虚影静了一下。然后它说了一句让沈墨染后背全凉了的话。“顾九霄不是这本书里的人。他和你我一样——是被系统选中的‘玩家’。他前世是另一本书的男主,因为在那本书里觉醒自我意识被判为‘脱离剧本’,系统把他的灵魂抽取出来绑定到这本书的掌宗身上,给他分配了‘维护原剧情’的任务。但他不甘心。系统骗了我们所有人。它说完成任务可以重生回原来的世界,但那个‘原来的世界’根本不存在——所有被系统绑架的灵魂,死后都被困在同一个虚构框架里。你前世死后被绑到这里,顾九霄也是。这本书里可能还有第三个玩家,但我不知道是谁。”
水晶开始碎裂。不是从外面碎,是从内部往外裂,白色的光从裂缝里往外泄,把整个洞窟照得亮如白昼。虚影的声音越来越细,越来越远,像是从一条很长很长的隧道那头传过来。
“修正者不止一个,”虚影最后说,“零柒只是其中之一。小心顾九霄——他不是你的敌人,他只是另一个被困住的玩家。但他已经被系统驯服了太久,不一定会帮你。找到第三个玩家,你们三个人联手,才可能——”
水晶碎了,碎得无声无息。白色的虚影在碎裂的瞬间化作无数光点,像被风吹散的蒲公英种子,在洞窟里飘了一圈,然后一颗一颗地熄灭在黑暗中。沈墨染站在黑暗里,手心全是汗,冰晶玄狐从她脚边仰头看着她,尾巴轻轻缠上她的脚踝。她没有马上动,把虚影刚才说的每一个字都在脑子里重新过了一遍。

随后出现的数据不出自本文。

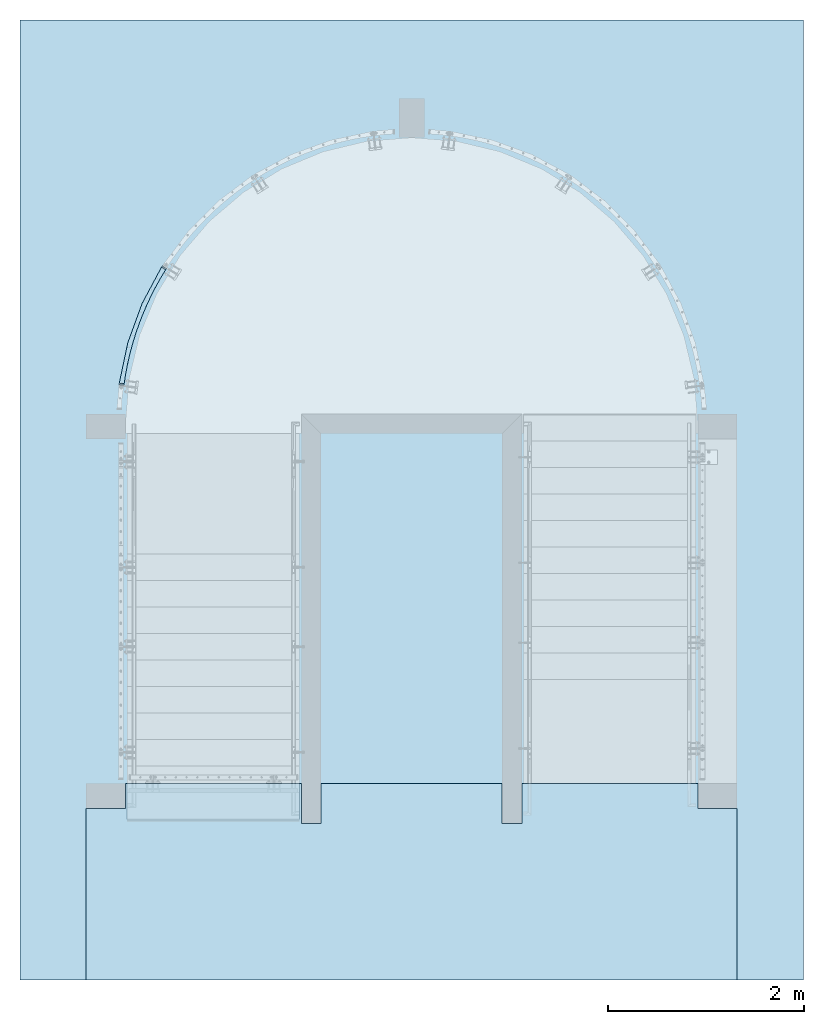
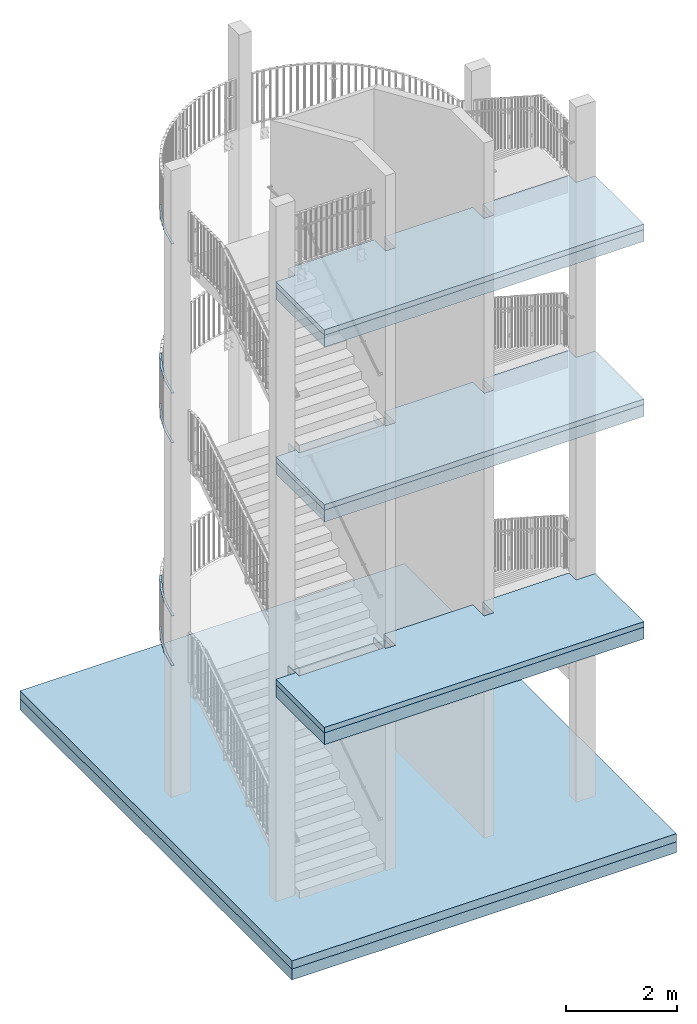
# One storey, part 103 of 296: 8 slabs, 5 plates, 42 openings.
"""IFC2X3 building model written with IfcOpenShell, lengths in millimetres."""

from ifc_helpers import new_model, entity, si_unit, converted_unit, point, frame, frame_2d, origin, origin_with_axes, place, context, project, spatial, polyline, circle_curve, line_curve, trimmed, segment, composite_curve, outline, extrude, material, layer, layer_set, element, save


model = new_model("IFC2X3")

# Units and contexts
model_context = context("Model", 3, precision=1e-09, world=origin_with_axes())
ifc_project = project(units=[si_unit("LENGTHUNIT", "METRE", prefix="MILLI"), si_unit("AREAUNIT", "SQUARE_METRE"), si_unit("VOLUMEUNIT", "CUBIC_METRE"), converted_unit("PLANEANGLEUNIT", "DEGREE", entity("IfcPlaneAngleMeasure", 0.01745329), si_unit("PLANEANGLEUNIT", "RADIAN"), dimensions=[0, 0, 0, 0, 0, 0, 0])], contexts=[model_context])

# Site, building, storey
site_placement = place(None, origin_with_axes())
site = spatial("IfcSite", under=ifc_project, at=site_placement, Name="TZD-S?d | Treppenhausgel?nder", CompositionType="ELEMENT")
building_placement = place(site_placement, origin_with_axes())
building = spatial("IfcBuilding", under=site, at=building_placement, Name="Struktur 1", CompositionType="ELEMENT")
storey_placement = place(building_placement, origin_with_axes())
storey = spatial("IfcBuildingStorey", under=building, at=storey_placement, Name="Default Storey", CompositionType="ELEMENT", Elevation=0.0)

# Plate, openings
ifc_material_1 = material(Name="S235JR")
ifc_layer_1 = layer(ifc_material_1, 10.0)
ifc_layer_set_1 = layer_set([ifc_layer_1], Name="S235JR")
plate_1_placement = place(None, frame((-13.645663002, 294.444758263, 8440.0), z_axis=(0.0, 0.0, 1.0), x_axis=(0.133033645, 0.991111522, 0.0)))
plate_1 = element("IfcPlate", 1, at=plate_1_placement, inside=storey, material=ifc_layer_set_1, Name="Girder", ObjectType="Girder", context=model_context, shape_type="SweptSolid", body=[
    extrude(outline(polyline([(0.0, 0.0), (0.0, -2965.0), (1239.452537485, -271.492545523), (1260.468823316, -226.123707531), (660.418630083, 50.027706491), (-0.126475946, 49.999997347), (0.0, 0.0)])), origin_with_axes(), (0.0, 0.0, 1.0), 10.0),
])
opening_1_placement = place(plate_1_placement, frame((0.0, 0.0, -0.01), z_axis=(0.0, 0.0, 1.0), x_axis=(1.0, 0.0, 0.0)))
element("IfcOpeningElement", 2, at=opening_1_placement, cuts=plate_1, ObjectType="Opening", context=model_context, shape_type="SweptSolid", body=[
    extrude(outline(composite_curve([segment(trimmed(line_curve((0.0, -2965.0), (0.418027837, 0.908434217), 2965.0), [point((0.0, -2965.0))], [point((1239.452537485, -271.492545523))], True, "CARTESIAN"), True, "CONTINUOUS"), segment(trimmed(circle_curve(frame_2d((0.0, -2965.0), x_axis=(1.0, 0.0)), 2965.0), [point((1239.452537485, -271.492545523))], [point((0.0, 0.0))], True, "CARTESIAN"), True, "CONTINUOUS"), segment(trimmed(line_curve((0.0, 0.0), (0.0, -1.0), 2965.0), [point((0.0, 0.0))], [point((0.0, -2965.0))], True, "CARTESIAN"), True, "CONTINUOUS")], self_intersect=False)), origin(), (0.0, 0.0, 1.0), 10.02),
])
opening_2_placement = place(plate_1_placement, frame((0.0, 0.0, -0.01), z_axis=(0.0, 0.0, 1.0), x_axis=(1.0, 0.0, 0.0)))
element("IfcOpeningElement", 3, at=opening_2_placement, cuts=plate_1, ObjectType="Opening", context=model_context, shape_type="SweptSolid", body=[
    extrude(outline(composite_curve([segment(trimmed(line_curve((660.418630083, 50.027706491), (-0.999999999, -4.1949e-05), 660.54510661), [point((660.418630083, 50.027706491))], [point((-0.126475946, 49.999997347))], True, "CARTESIAN"), True, "CONTINUOUS"), segment(trimmed(circle_curve(frame_2d((0.0, -2965.0), x_axis=(-1.0, 0.0)), 3015.0), [point((-0.126475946, 49.999997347))], [point((1260.468823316, -226.123707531))], False, "CARTESIAN"), True, "CONTINUOUS"), segment(trimmed(line_curve((1260.468823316, -226.123707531), (-0.908416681, 0.418065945), 660.54510661), [point((1260.468823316, -226.123707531))], [point((660.418630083, 50.027706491))], True, "CARTESIAN"), True, "CONTINUOUS")], self_intersect=False)), origin(), (0.0, 0.0, 1.0), 10.02),
])

plate_2_placement = place(None, frame((412.327124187, 1474.071160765, 7350.0), z_axis=(0.0, 0.0, -1.0), x_axis=(-0.530884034, -0.847444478, 0.0)))
plate_2 = element("IfcPlate", 4, at=plate_2_placement, inside=storey, material=ifc_layer_set_1, Name="-", ObjectType="-", context=model_context, shape_type="SweptSolid", body=[
    extrude(outline(polyline([(0.0, 0.0), (0.0, -2964.999999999), (1212.136152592, -259.089626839), (1232.92316853, -213.613901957), (644.462458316, 50.081129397), (-0.379437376, 49.999976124), (0.0, 0.0)])), origin_with_axes(), (0.0, 0.0, 1.0), 10.0),
])
opening_3_placement = place(plate_2_placement, frame((0.0, 0.0, -0.01), z_axis=(0.0, 0.0, 1.0), x_axis=(1.0, 0.0, 0.0)))
element("IfcOpeningElement", 5, at=opening_3_placement, cuts=plate_2, ObjectType="Opening", context=model_context, shape_type="SweptSolid", body=[
    extrude(outline(composite_curve([segment(trimmed(line_curve((0.0, -2964.999999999), (0.408814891, 0.912617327), 2964.999999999), [point((0.0, -2964.999999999))], [point((1212.136152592, -259.089626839))], True, "CARTESIAN"), True, "CONTINUOUS"), segment(trimmed(circle_curve(frame_2d((0.0, -2964.999999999), x_axis=(1.0, 0.0)), 2964.999999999), [point((1212.136152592, -259.089626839))], [point((0.0, 0.0))], True, "CARTESIAN"), True, "CONTINUOUS"), segment(trimmed(line_curve((0.0, 0.0), (0.0, -1.0), 2964.999999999), [point((0.0, 0.0))], [point((0.0, -2964.999999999))], True, "CARTESIAN"), True, "CONTINUOUS")], self_intersect=False)), origin(), (0.0, 0.0, 1.0), 10.02),
])
opening_4_placement = place(plate_2_placement, frame((0.0, 0.0, -0.01), z_axis=(0.0, 0.0, 1.0), x_axis=(1.0, 0.0, 0.0)))
element("IfcOpeningElement", 6, at=opening_4_placement, cuts=plate_2, ObjectType="Opening", context=model_context, shape_type="SweptSolid", body=[
    extrude(outline(composite_curve([segment(trimmed(line_curve((644.462458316, 50.081129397), (-0.999999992, -0.00012585), 644.841900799), [point((644.462458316, 50.081129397))], [point((-0.379437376, 49.999976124))], True, "CARTESIAN"), True, "CONTINUOUS"), segment(trimmed(circle_curve(frame_2d((-1e-09, -2965.000000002), x_axis=(-1.0, 0.0)), 3015.000000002), [point((-0.379437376, 49.999976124))], [point((1232.92316853, -213.613901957))], False, "CARTESIAN"), True, "CONTINUOUS"), segment(trimmed(line_curve((1232.92316853, -213.613901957), (-0.91256587, 0.408929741), 644.841900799), [point((1232.92316853, -213.613901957))], [point((644.462458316, 50.081129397))], True, "CARTESIAN"), True, "CONTINUOUS")], self_intersect=False)), origin(), (0.0, 0.0, 1.0), 10.02),
])

plate_3_placement = place(None, frame((-13.645663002, 294.444758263, 3540.0), z_axis=(0.0, 0.0, 1.0), x_axis=(0.133033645, 0.991111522, 0.0)))
plate_3 = element("IfcPlate", 7, at=plate_3_placement, inside=storey, material=ifc_layer_set_1, Name="Girder", ObjectType="Girder", context=model_context, shape_type="SweptSolid", body=[
    extrude(outline(polyline([(0.0, 0.0), (0.0, -2965.0), (1239.452537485, -271.492545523), (1260.468823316, -226.123707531), (660.418630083, 50.027706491), (-0.126475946, 49.999997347), (0.0, 0.0)])), origin_with_axes(), (0.0, 0.0, 1.0), 10.0),
])
opening_5_placement = place(plate_3_placement, frame((0.0, 0.0, -0.01), z_axis=(0.0, 0.0, 1.0), x_axis=(1.0, 0.0, 0.0)))
element("IfcOpeningElement", 8, at=opening_5_placement, cuts=plate_3, ObjectType="Opening", context=model_context, shape_type="SweptSolid", body=[
    extrude(outline(composite_curve([segment(trimmed(line_curve((0.0, -2965.0), (0.418027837, 0.908434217), 2965.0), [point((0.0, -2965.0))], [point((1239.452537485, -271.492545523))], True, "CARTESIAN"), True, "CONTINUOUS"), segment(trimmed(circle_curve(frame_2d((0.0, -2965.0), x_axis=(1.0, 0.0)), 2965.0), [point((1239.452537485, -271.492545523))], [point((0.0, 0.0))], True, "CARTESIAN"), True, "CONTINUOUS"), segment(trimmed(line_curve((0.0, 0.0), (0.0, -1.0), 2965.0), [point((0.0, 0.0))], [point((0.0, -2965.0))], True, "CARTESIAN"), True, "CONTINUOUS")], self_intersect=False)), origin(), (0.0, 0.0, 1.0), 10.02),
])
opening_6_placement = place(plate_3_placement, frame((0.0, 0.0, -0.01), z_axis=(0.0, 0.0, 1.0), x_axis=(1.0, 0.0, 0.0)))
element("IfcOpeningElement", 9, at=opening_6_placement, cuts=plate_3, ObjectType="Opening", context=model_context, shape_type="SweptSolid", body=[
    extrude(outline(composite_curve([segment(trimmed(line_curve((660.418630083, 50.027706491), (-0.999999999, -4.1949e-05), 660.54510661), [point((660.418630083, 50.027706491))], [point((-0.126475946, 49.999997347))], True, "CARTESIAN"), True, "CONTINUOUS"), segment(trimmed(circle_curve(frame_2d((0.0, -2965.0), x_axis=(-1.0, 0.0)), 3015.0), [point((-0.126475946, 49.999997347))], [point((1260.468823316, -226.123707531))], False, "CARTESIAN"), True, "CONTINUOUS"), segment(trimmed(line_curve((1260.468823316, -226.123707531), (-0.908416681, 0.418065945), 660.54510661), [point((1260.468823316, -226.123707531))], [point((660.418630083, 50.027706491))], True, "CARTESIAN"), True, "CONTINUOUS")], self_intersect=False)), origin(), (0.0, 0.0, 1.0), 10.02),
])

plate_4_placement = place(None, frame((412.327124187, 1474.071160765, 2450.0), z_axis=(0.0, 0.0, -1.0), x_axis=(-0.530884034, -0.847444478, 0.0)))
plate_4 = element("IfcPlate", 10, at=plate_4_placement, inside=storey, material=ifc_layer_set_1, Name="-", ObjectType="-", context=model_context, shape_type="SweptSolid", body=[
    extrude(outline(polyline([(0.0, 0.0), (0.0, -2964.999999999), (1212.136152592, -259.089626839), (1232.92316853, -213.613901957), (644.462458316, 50.081129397), (-0.379437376, 49.999976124), (0.0, 0.0)])), origin_with_axes(), (0.0, 0.0, 1.0), 10.0),
])
opening_7_placement = place(plate_4_placement, frame((0.0, 0.0, -0.01), z_axis=(0.0, 0.0, 1.0), x_axis=(1.0, 0.0, 0.0)))
element("IfcOpeningElement", 11, at=opening_7_placement, cuts=plate_4, ObjectType="Opening", context=model_context, shape_type="SweptSolid", body=[
    extrude(outline(composite_curve([segment(trimmed(line_curve((0.0, -2964.999999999), (0.408814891, 0.912617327), 2964.999999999), [point((0.0, -2964.999999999))], [point((1212.136152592, -259.089626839))], True, "CARTESIAN"), True, "CONTINUOUS"), segment(trimmed(circle_curve(frame_2d((0.0, -2964.999999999), x_axis=(1.0, 0.0)), 2964.999999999), [point((1212.136152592, -259.089626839))], [point((0.0, 0.0))], True, "CARTESIAN"), True, "CONTINUOUS"), segment(trimmed(line_curve((0.0, 0.0), (0.0, -1.0), 2964.999999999), [point((0.0, 0.0))], [point((0.0, -2964.999999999))], True, "CARTESIAN"), True, "CONTINUOUS")], self_intersect=False)), origin(), (0.0, 0.0, 1.0), 10.02),
])
opening_8_placement = place(plate_4_placement, frame((0.0, 0.0, -0.01), z_axis=(0.0, 0.0, 1.0), x_axis=(1.0, 0.0, 0.0)))
element("IfcOpeningElement", 12, at=opening_8_placement, cuts=plate_4, ObjectType="Opening", context=model_context, shape_type="SweptSolid", body=[
    extrude(outline(composite_curve([segment(trimmed(line_curve((644.462458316, 50.081129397), (-0.999999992, -0.00012585), 644.841900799), [point((644.462458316, 50.081129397))], [point((-0.379437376, 49.999976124))], True, "CARTESIAN"), True, "CONTINUOUS"), segment(trimmed(circle_curve(frame_2d((-1e-09, -2965.000000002), x_axis=(-1.0, 0.0)), 3015.000000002), [point((-0.379437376, 49.999976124))], [point((1232.92316853, -213.613901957))], False, "CARTESIAN"), True, "CONTINUOUS"), segment(trimmed(line_curve((1232.92316853, -213.613901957), (-0.91256587, 0.408929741), 644.841900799), [point((1232.92316853, -213.613901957))], [point((644.462458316, 50.081129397))], True, "CARTESIAN"), True, "CONTINUOUS")], self_intersect=False)), origin(), (0.0, 0.0, 1.0), 10.02),
])

plate_5_placement = place(None, frame((412.327124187, 1474.071160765, 11725.0), z_axis=(0.0, 0.0, -1.0), x_axis=(-0.530884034, -0.847444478, 0.0)))
plate_5 = element("IfcPlate", 13, at=plate_5_placement, inside=storey, material=ifc_layer_set_1, Name="-", ObjectType="-", context=model_context, shape_type="SweptSolid", body=[
    extrude(outline(polyline([(0.0, 0.0), (0.0, -2964.999999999), (1212.136152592, -259.089626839), (1232.92316853, -213.613901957), (644.462458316, 50.081129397), (-0.379437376, 49.999976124), (0.0, 0.0)])), origin_with_axes(), (0.0, 0.0, 1.0), 10.0),
])
opening_9_placement = place(plate_5_placement, frame((0.0, 0.0, -0.01), z_axis=(0.0, 0.0, 1.0), x_axis=(1.0, 0.0, 0.0)))
element("IfcOpeningElement", 14, at=opening_9_placement, cuts=plate_5, ObjectType="Opening", context=model_context, shape_type="SweptSolid", body=[
    extrude(outline(composite_curve([segment(trimmed(line_curve((0.0, -2964.999999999), (0.408814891, 0.912617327), 2964.999999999), [point((0.0, -2964.999999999))], [point((1212.136152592, -259.089626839))], True, "CARTESIAN"), True, "CONTINUOUS"), segment(trimmed(circle_curve(frame_2d((0.0, -2964.999999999), x_axis=(1.0, 0.0)), 2964.999999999), [point((1212.136152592, -259.089626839))], [point((0.0, 0.0))], True, "CARTESIAN"), True, "CONTINUOUS"), segment(trimmed(line_curve((0.0, 0.0), (0.0, -1.0), 2964.999999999), [point((0.0, 0.0))], [point((0.0, -2964.999999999))], True, "CARTESIAN"), True, "CONTINUOUS")], self_intersect=False)), origin(), (0.0, 0.0, 1.0), 10.02),
])
opening_10_placement = place(plate_5_placement, frame((0.0, 0.0, -0.01), z_axis=(0.0, 0.0, 1.0), x_axis=(1.0, 0.0, 0.0)))
element("IfcOpeningElement", 15, at=opening_10_placement, cuts=plate_5, ObjectType="Opening", context=model_context, shape_type="SweptSolid", body=[
    extrude(outline(composite_curve([segment(trimmed(line_curve((644.462458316, 50.081129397), (-0.999999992, -0.00012585), 644.841900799), [point((644.462458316, 50.081129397))], [point((-0.379437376, 49.999976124))], True, "CARTESIAN"), True, "CONTINUOUS"), segment(trimmed(circle_curve(frame_2d((-1e-09, -2965.000000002), x_axis=(-1.0, 0.0)), 3015.000000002), [point((-0.379437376, 49.999976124))], [point((1232.92316853, -213.613901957))], False, "CARTESIAN"), True, "CONTINUOUS"), segment(trimmed(line_curve((1232.92316853, -213.613901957), (-0.91256587, 0.408929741), 644.841900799), [point((1232.92316853, -213.613901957))], [point((644.462458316, 50.081129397))], True, "CARTESIAN"), True, "CONTINUOUS")], self_intersect=False)), origin(), (0.0, 0.0, 1.0), 10.02),
])

# Slab
ifc_material_2 = material(Name="C25/30")
ifc_layer_2 = layer(ifc_material_2, 180.0)
ifc_layer_set_2 = layer_set([ifc_layer_2], Name="C25/30")
slab_1_placement = place(None, frame((2925.0, -877.5, -180.0), z_axis=(0.0, 0.0, 1.0), x_axis=(0.0, -1.0, 0.0)))
element("IfcSlab", 16, at=slab_1_placement, inside=storey, material=ifc_layer_set_2, Name="-", ObjectType="-", context=model_context, shape_type="SweptSolid", body=[
    extrude(outline(polyline([(-4902.5, -4000.0), (4902.5, -4000.0), (4902.5, 4000.0), (-4902.5, 4000.0), (-4902.5, -4000.0)])), origin_with_axes(), (0.0, 0.0, 1.0), 180.0),
])

# Slab, openings
ifc_layer_3 = layer(ifc_material_2, 260.0)
ifc_layer_set_3 = layer_set([ifc_layer_3], Name="C25/30")
slab_2_placement = place(None, frame((2925.0, -4290.0, 9420.0), z_axis=(0.0, 0.0, -1.0), x_axis=(0.0, 1.0, 0.0)))
slab_2 = element("IfcSlab", 17, at=slab_2_placement, inside=storey, material=ifc_layer_set_3, Name="-", ObjectType="-", context=model_context, shape_type="SweptSolid", body=[
    extrude(outline(polyline([(-1490.0, -3325.0), (1490.0, -3325.0), (1490.0, 3325.0), (-1490.0, 3325.0), (-1490.0, -3325.0)])), origin_with_axes(), (0.0, 0.0, -1.0), 260.0),
])
opening_11_placement = place(slab_2_placement, frame((2087.924531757, -1125.001, -260.1), z_axis=(0.0, 0.0, -1.0), x_axis=(-1.0, 0.0, 0.0)))
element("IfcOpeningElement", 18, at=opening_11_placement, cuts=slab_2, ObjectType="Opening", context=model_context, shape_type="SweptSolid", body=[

第一个结论:顾九霄是被系统从另一本书里抓过来的男主,他所有的偏离原著行为——安插暗桩、培养心腹、派人进秘境杀她——都不是因为他是反派,而是因为他在执行他自己的造反计划。他的造反计划和她没有本质区别。区别只在于手段。他要杀她,不是恨她,是想抢天血灵髓,抢造反进度,抢先完成他自己的任务。
第二个结论:第三个玩家的身份未知,但修正令零柒背后的那个“宋”字——不叫宋清歌,系统记录的“原·宋”是零柒的姓氏,宋清歌是她自己的名字。
第三个结论:系统是敌人。
她把这些结论一条一条存进系统笔记里,然后低头看了一眼手里的两块剧情碎片。贰号碎片从怀里的黑色石板残片中抽出,与壹号碎片一起平放在地面,两块石板的材质完全一样——边缘有断口,黑色石面,刻痕深度一致。她试了一下把两块石板拼在一起,断口完全吻合,两块碑石合成了一块完整的黑色石板,表面铭刻的金色文字霎时活了过来,在她掌心里像蛇一样扭动,重新排列——
沈墨染盯着那行字看了很久。冰晶玄狐也探着脑袋过来,拿鼻尖碰了碰石板的边缘,打了个喷嚏。系统是人造的,三个人造的东西,一个人叛变变成了现在这个系统意志,另外两个人下落不明。这已经不是书的世界了。这是某个被遗弃的实验场。
她站起来朝洞外走去。经过这一遭禁地之后,她的造反值还是七千三百一十点,但她要跟系统算的账已经不只是造反换自由那么简单了。